**Task inputs**
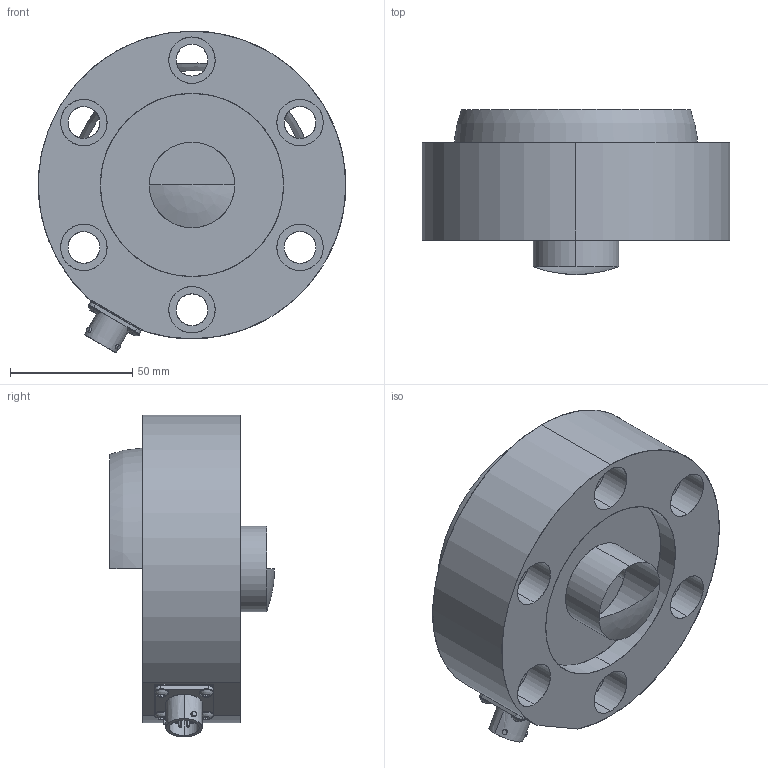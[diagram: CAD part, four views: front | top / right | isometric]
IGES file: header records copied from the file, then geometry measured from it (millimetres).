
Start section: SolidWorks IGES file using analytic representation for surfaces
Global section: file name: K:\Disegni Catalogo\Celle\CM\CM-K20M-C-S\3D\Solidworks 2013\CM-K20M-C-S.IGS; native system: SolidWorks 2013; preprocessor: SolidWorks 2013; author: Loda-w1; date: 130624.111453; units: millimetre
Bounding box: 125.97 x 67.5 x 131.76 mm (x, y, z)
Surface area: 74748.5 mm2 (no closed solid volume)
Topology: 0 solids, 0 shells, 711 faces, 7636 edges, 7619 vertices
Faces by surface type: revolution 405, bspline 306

**What to produce**
Word for word, give the entries back in full; the pictures do not belong in the copy.

**Finished task**
[diagram: CAD part, four views: front | top / right | isometric]
IGES file: header records copied from the file, then geometry measured from it (millimetres).
Start section: SolidWorks IGES file using analytic representation for surfaces
Global section: file name: K:\Disegni Catalogo\Celle\CM\CM-K20M-C-S\3D\Solidworks 2013\CM-K20M-C-S.IGS; native system: SolidWorks 2013; preprocessor: SolidWorks 2013; author: Loda-w1; date: 130624.111453; units: millimetre
Bounding box: 125.97 x 67.5 x 131.76 mm (x, y, z)
Surface area: 74748.5 mm2 (no closed solid volume)
Topology: 0 solids, 0 shells, 711 faces, 7636 edges, 7619 vertices
Faces by surface type: revolution 405, bspline 306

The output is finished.